Volumetric glassware:  burets, Mohr pipets, volumetric pipets, volumetric flasks

Other items available on request

 

Getting Started

 

Chemists use special volumetric glassware in the laboratory (rather than the ordinary beakers and flasks) when they need high-precision measurements of the volume of liquids.  Understanding the proper use and limitations of such glassware is important in achieving reliable results.   Experimental technique and the inherent accuracy of the glassware both affect experimental results.  One of the goals of this course is for you to develop sound experimental techniques.

 

In this investigation, you will practice with volumetric glassware to improve your technique and to solve an important historical question in practical chemistry.  Volumetric glassware is designed for two quite different purposes. 

 

·  To deliver (TD) an accurate volume of liquid.

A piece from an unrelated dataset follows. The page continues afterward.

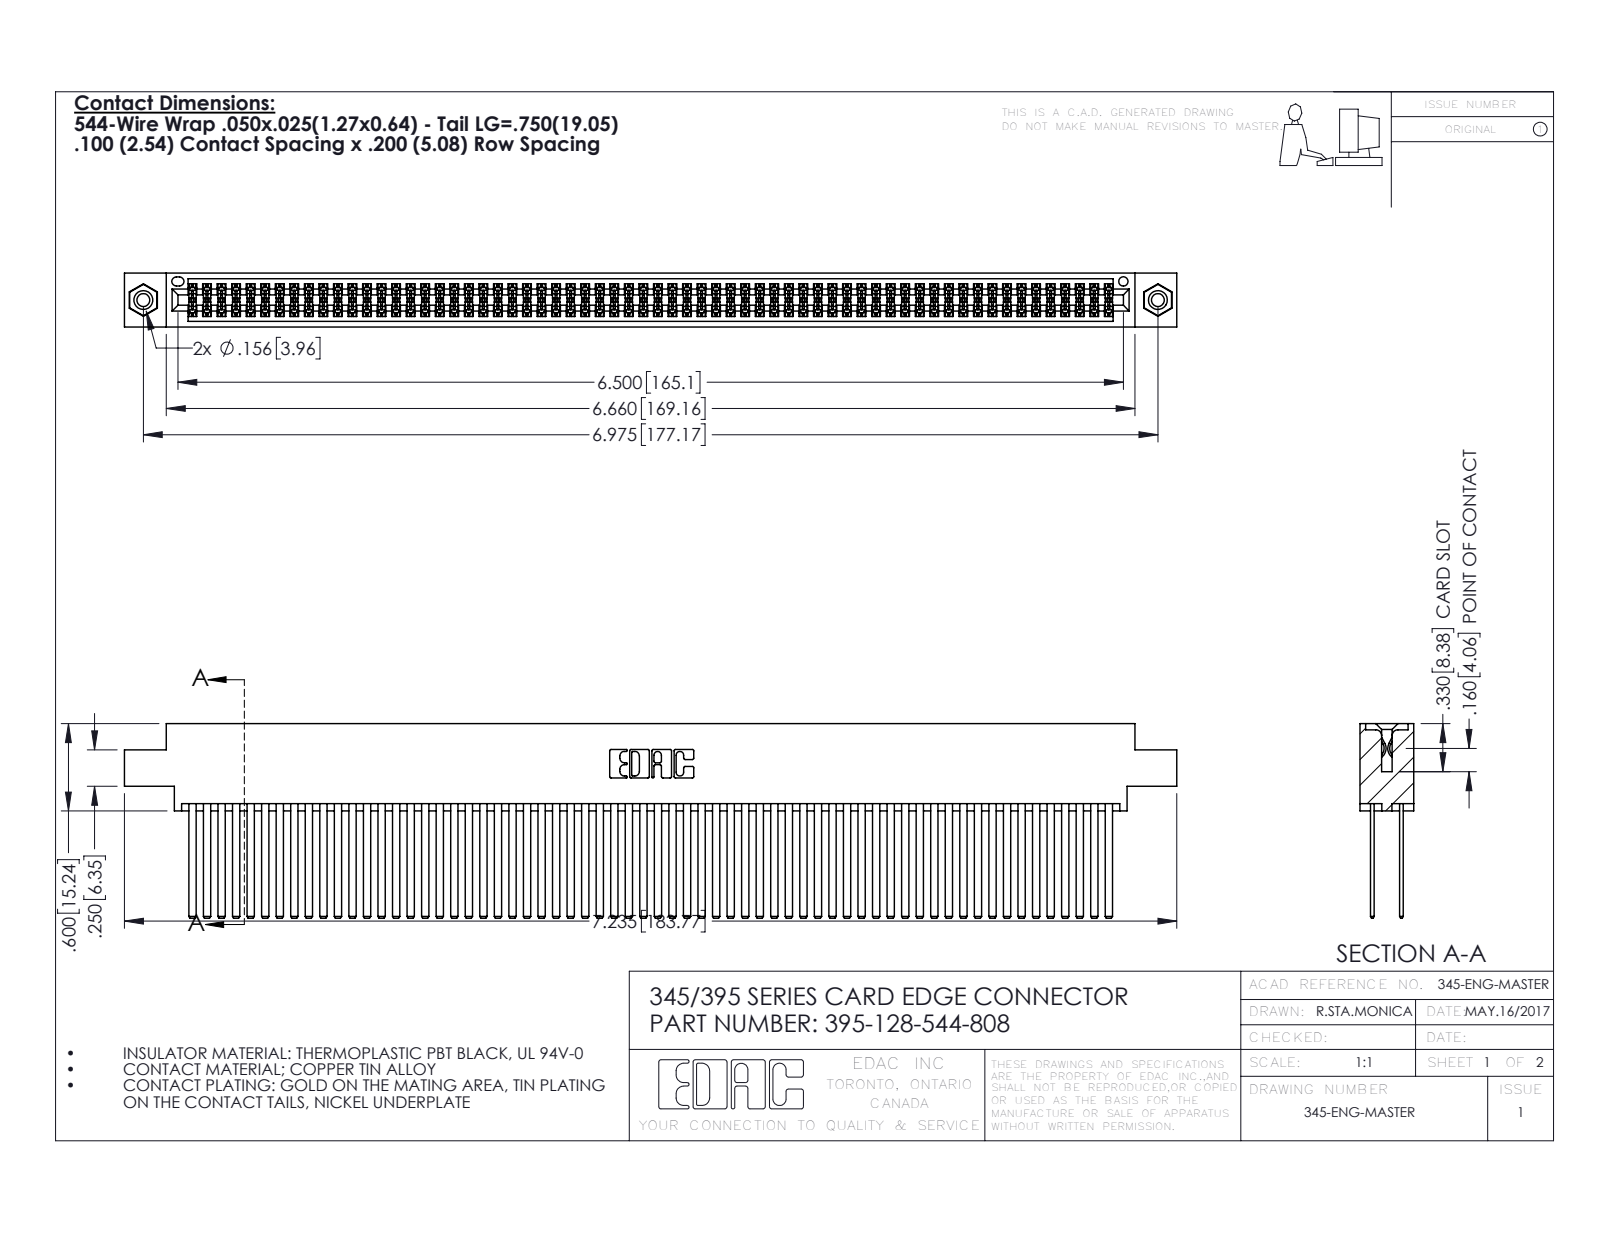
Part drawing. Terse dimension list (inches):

·  To contain (TC) an accurate volume of liquid.

 

A container meant to contain an accurately known volume could of course be used to deliver the liquid to another vessel.  However, the amount actually delivered would never exactly be equal to the amount originally in the container.  Some liquid would inevitably remain behind, clinging to the interior walls. Some liquid also remains behind on the walls of a piece of glassware that is TD designed, but the calibration of the TD glassware takes this into account.

 

The following guidelines must be followed:

 

  1. Make at least 1000 mL of the solution.
  2. Use only 1 egg for testing.
  3. Once you have produced a solution that will “just float” an egg, you are to determine its density and mass% using the 4 types of volumetric glassware:
    1. Your instructor will demonstrate the correct procedure for using each type of glassware.
    2. Develop procedures to determine the density of your solution using each type of glassware.
    3. Repeat the measurements using each type of glassware a minimum of three times.  Determine the STD or average deviation for each measurement.
  4. Each individual in your group should use all four kinds of measuring devices at least once.

 

 

 

Report

 

 

Reports should be constructed in the format given in the introduction of the first week’s lab (Recording and Analyzing Experimental Data, Graphing Techniques), to the extent that this format is appropriate for the experiments that you designed.   This is the format that chemists use to report the results of their experiments to the scientific community.  The emphasis of this report is on your determination of the density of the solution and your recommendation to your Peace Corps friend on how to produce the solution.  In your procedure section, it is acceptable to insert a copy of your proposal.  The analysis should include answers to the goal questions, and also an indication of the difference in the precision and/or accuracy of the 4 types of volumetric glassware (Which had the largest STD or average variation?  How did your results compare to others in the classroom?)